6. On behalf of Smt. Rashmi Jain, it is argued that the trial court has erred in law in refusing to grant maintenance to her. I have gone through the record, and found that there is sufficient material on the record, which reflects that Rashmi Jain, has left her husband's house along with two sons and started living separately, without sufficient reason. It is pertinent to mention here that the marriage took place in the year 1983, and she left house in the year 2002. It is hard to believe that after a period of 10-15 years, husband demanded dowry and harassed his wife for non fulfilment of demand of dowry. It is already mentioned above that Adish Kumar Jain, and his relatives were acquitted from the charge of offence punishable under Section 498A I.P.C. Therefore, this Court does not find that the trial court has committed any error of law in refusing to grant maintenance to Rashmi Jain as in view of provision contained in Sub-section (4) of Section 125 Cr.P.C., in the above circumstances, she was not entitled to the maintenance from her husband.
7. Admittedly, Amit Jain, elder son of Adish Kumar Jain, is major. It is submitted on behalf of his mother (Rashmi Jain) that his business is not running well. Whether his business is running well or not, after he, has become major, he is not entitled to maintenance under Section 125 of Cr.P.C. As such, finding of the trial court to that effect is also not liable to be interfered with.
8. However, the trial court has committed error of law to the extent that the minor son Ayush Jain, has not been awarded maintenance from the date of application. The trial court has awarded maintenance to him from the date of order. Since, the entitlement of maintenance to a minor is only up to age of attaining majority, if the courts instead of granting maintenance to such needy persons from the date of application, grant from the date of order, the litigants who are liable to pay, may get the proceedings lingered, thereby depriving the minor child of his major portion of maintenance. That being so, the impugned order needs to be modified to that extent.
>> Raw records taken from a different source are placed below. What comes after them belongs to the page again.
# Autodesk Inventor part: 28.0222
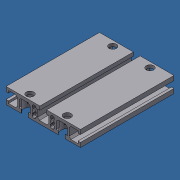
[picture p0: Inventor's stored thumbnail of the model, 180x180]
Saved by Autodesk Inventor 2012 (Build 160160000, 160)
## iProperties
Created: 2007-06
Part Number: 28.0222
Material: Aluminum-6061
Document SubType Name: Modeling
Designer: Andy Moles
Density: 2.71 g/cm^3
Description: L = 4.449", MILL TO 28.0222
Stock Number: 20.0995 PROFILE 90X19
Mass: 218.574 g
Surface Area: 552.03 cm^2
Volume: 80.6547 cm^3
Vendor: F
Author: Andy Moles
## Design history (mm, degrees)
sketch "Sketch1"
  geometry: L1 (18.4, -9.5)-(18.4, -5) reference; L2 (17.9, -5)-(15.7, -5) reference; L3 (15.7, -5)-(15.7, 3.5) reference; L4 (15.7, 3.5)-(18, 5.8) reference; L5 (18, 5.8)-(27, 5.8) reference; L6 (27, 5.8)-(29.3, 3.5) reference; L7 (29.3, 3.5)-(29.3, -5) reference; L8 (26.6, -5)-(26.6, -9.5) reference; L9 (45, -9.5)-(26.9, -9.5) reference; L10 (45, -4.1)-(45, -9.5) reference; L11 (45, -4.1)-(42, -4.1) reference; L12 (42, -4.6)-(42, -6.8) reference; L13 (42, -6.8)-(33.5, -6.8) reference; L14 (33.5, -6.8)-(31.2, -4.5) reference; L15 (31.2, -4.5)-(31.2, 4.5) reference; L16 (31.2, 4.5)-(33.5, 6.8) reference; L17 (33.5, 6.8)-(42, 6.8) reference; L18 (42, 4.1)-(45, 4.1) reference; L19 (45, 9.5)-(45, 4.1) reference; L20 (4.4, 9.5)-(45, 9.5) reference; L21 (4.1, 9.5)-(4.1, 5) reference; L22 (4.6, 5)-(6.8, 5) reference; L23 (6.8, 5)-(6.8, -3.5) reference; L24 (6.8, -3.5)-(4.5, -5.8) reference; L25 (4.5, -5.8)-(-4.5, -5.8) reference; L26 (-4.5, -5.8)-(-6.8, -3.5) reference; L27 (-6.8, -3.5)-(-6.8, 5) reference; L28 (-4.1, 5)-(-4.1, 9.5) reference; L29 (-45, 4.1)-(-45, 9.5) reference; L30 (-45, 4.1)-(-42, 4.1) reference; L31 (-42, 4.1)-(-42, 6.8) reference; L32 (-42, 6.8)-(-33.5, 6.8) reference; L33 (-33.5, 6.8)-(-31.2, 4.5) reference; L34 (-31.2, 4.5)-(-31.2, -4.5) reference; L35 (-31.2, -4.5)-(-33.5, -6.8) reference; L36 (-33.5, -6.8)-(-42, -6.8) reference; L37 (-42, -6.8)-(-42, -4.1) reference; L38 (-42, -4.1)-(-45, -4.1) reference; L39 (-45, -9.5)-(-45, -4.1) reference; L40 (-26.6, -9.5)-(-26.6, -5) reference; L41 (-29.3, -5)-(-29.3, 3.5) reference; L42 (-29.3, 3.5)-(-27, 5.8) reference; L43 (-27, 5.8)-(-18, 5.8) reference; L44 (-18, 5.8)-(-15.7, 3.5) reference; L45 (-15.7, 3.5)-(-15.7, -5) reference; L46 (-15.7, -5)-(-17.9, -5) reference; L47 (-18.4, -5)-(-18.4, -9.5) reference; L48 (-18.1, -9.5)-(-18.4, -9.5) reference; L49 (-26.6, -9.5)-(-45, -9.5) reference; L50 (-17.9, -5)-(-18.4, -5) reference; L51 (-26.6, -5)-(-29.3, -5) reference; L52 (-6.8, 5)-(-4.1, 5) reference; L53 (4.1, 5)-(4.6, 5) reference; L54 (-45, 9.5)-(-4.1, 9.5) reference; L55 (4.1, 9.5)-(4.4, 9.5) reference; L56 (29.3, -5)-(26.6, -5) reference; L57 (18.4, -5)-(17.9, -5) reference; L58 (26.9, -9.5)-(26.6, -9.5) reference; L59 (18.4, -9.5)-(-18.1, -9.5) reference; L60 (42, 6.8)-(42, 4.1) reference; L61 (42, -4.1)-(42, -4.6) reference; L62 (-9.354, -2.59)-(-8.993, -2.95); L63 (-10.7, -7)-(-11.3, -7); L64 (-8.7, -3.657)-(-8.7, -5)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; A1 r 2.5 centre (-11, 0) between (-9.333, -1.863) and (-9.333, 1.863); A2 r 1 centre (-9.7, -3.657) between (-8.7, -3.657) and (-8.993, -2.95); A3 r 2 centre (-10.7, -5) between (-10.7, -7) and (-8.7, -5); A4 r 0.5 centre (-9, -2.236) between (-9.333, -1.863) and (-9.354, -2.59); A5 r 1 centre (-12.3, -3.657) between (-13.007, -2.95) and (-13.3, -3.657); A6 r 2.5 centre (-11, 0) between (-12.667, 1.863) and (-12.667, -1.863); A7 r 2 centre (-11.3, -5) between (-13.3, -5) and (-11.3, -7); A8 r 0.5 centre (-13, -2.236) between (-12.646, -2.59) and (-12.667, -1.863); A9 r 0.5 centre (-13, 2.236) between (-12.667, 1.863) and (-12.646, 2.59); A10 r 2 centre (-11.3, 5) between (-11.3, 7) and (-13.3, 5); A11 r 0.5 centre (-9, 2.236) between (-9.354, 2.59) and (-9.333, 1.863); A12 r 1 centre (-9.7, 3.657) between (-8.993, 2.95) and (-8.7, 3.657); A13 r 2 centre (-10.7, 5) between (-8.7, 5) and (-10.7, 7); A14 r 1 centre (-12.3, 3.657) between (-13.3, 3.657) and (-13.007, 2.95); A15 r 1 centre (12.3, 3.657) between (13.007, 2.95) and (13.3, 3.657); A16 r 0.5 centre (13, 2.236) between (12.646, 2.59) and (12.667, 1.863); A17 r 2 centre (11.3, 5) between (13.3, 5) and (11.3, 7); A18 r 0.5 centre (9, 2.236) between (9.333, 1.863) and (9.354, 2.59); A19 r 1 centre (9.7, 3.657) between (8.7, 3.657) and (8.993, 2.95); A20 r 2 centre (10.7, 5) between (10.7, 7) and (8.7, 5); A21 r 1 centre (9.7, -3.657) between (8.993, -2.95) and (8.7, -3.657); A22 r 2.5 centre (11, 0) between (9.333, 1.863) and (9.333, -1.863); A23 r 0.5 centre (9, -2.236) between (9.354, -2.59) and (9.333, -1.863); A24 r 2 centre (10.7, -5) between (8.7, -5) and (10.7, -7); A25 r 2.5 centre (11, 0) between (12.667, -1.863) and (12.667, 1.863); A26 r 0.5 centre (13, -2.236) between (12.667, -1.863) and (12.646, -2.59); A27 r 1 centre (12.3, -3.657) between (13.3, -3.657) and (13.007, -2.95); A28 r 2 centre (11.3, -5) between (11.3, -7) and (13.3, -5)
  constraints: 162 end point, 56 point on circle, 28 centre point, 28 horizontal, 23 vertical, 71 other
extrude "Extrusion1" new body sketch "Sketch1" stored distance "d0" = 113; taper "d1" = 0 deg
sketch "Sketch2"
  geometry: L1 (0, -113)-(36.8, -113) reference; L2 (63.4, -113)-(63.4, 0) reference; L3 (36.8, 0)-(0, 0) reference; 5 further points
  constraints: 2 horizontal alignment, 2 vertical alignment
  dimensions: "d2" = 113 distance of L1.end L3.start (derived); "d5" = 22.5 distance from line of point (40.9, -6.5) L2; "d6" = 67.5 distance from line of point (-4.1, -6.5) L2; "d14" = 6.5 distance from line of point (40.9, -6.5) L3; "d15" = 6.5 distance from line of point (40.9, -106.5) L1
hole "Hole1" sketch "Sketch2" at (40.9, -6.5), (-4.1, -6.5), (-4.1, -106.5), (40.9, -106.5) diameter "d7" = 9; stored, may be unused: countersink angle "d11" = 90 deg, drill point angle "d13" = 118 deg; dims "d8" = 6, "d9" = 15, "d10" = 15.3, "d12" = 8
body "Solid1"

9. Learned Counsel for Adish Kumar Jain, argued that Ayush Jain has not filed any revision, as such, this Court cannot modify the order in his favour. Provision contained in Section 397 of Cr.P.C., empowers the High Court to examine the correctness, legality and propriety of the final orders (which are not appealable) passed by the courts subordinate to it, there is nothing which prohibits the court to modify the impugned order.
10. For the reasons, as discussed above, both the revisions are dismissed with the modification in the impugned order that Adish Kumar Jain shall pay maintenance to his minor son Ayush Jain at the rate of Rs. 5,000/- per month, as directed by the trial court, from the date of application till he attains age of majority.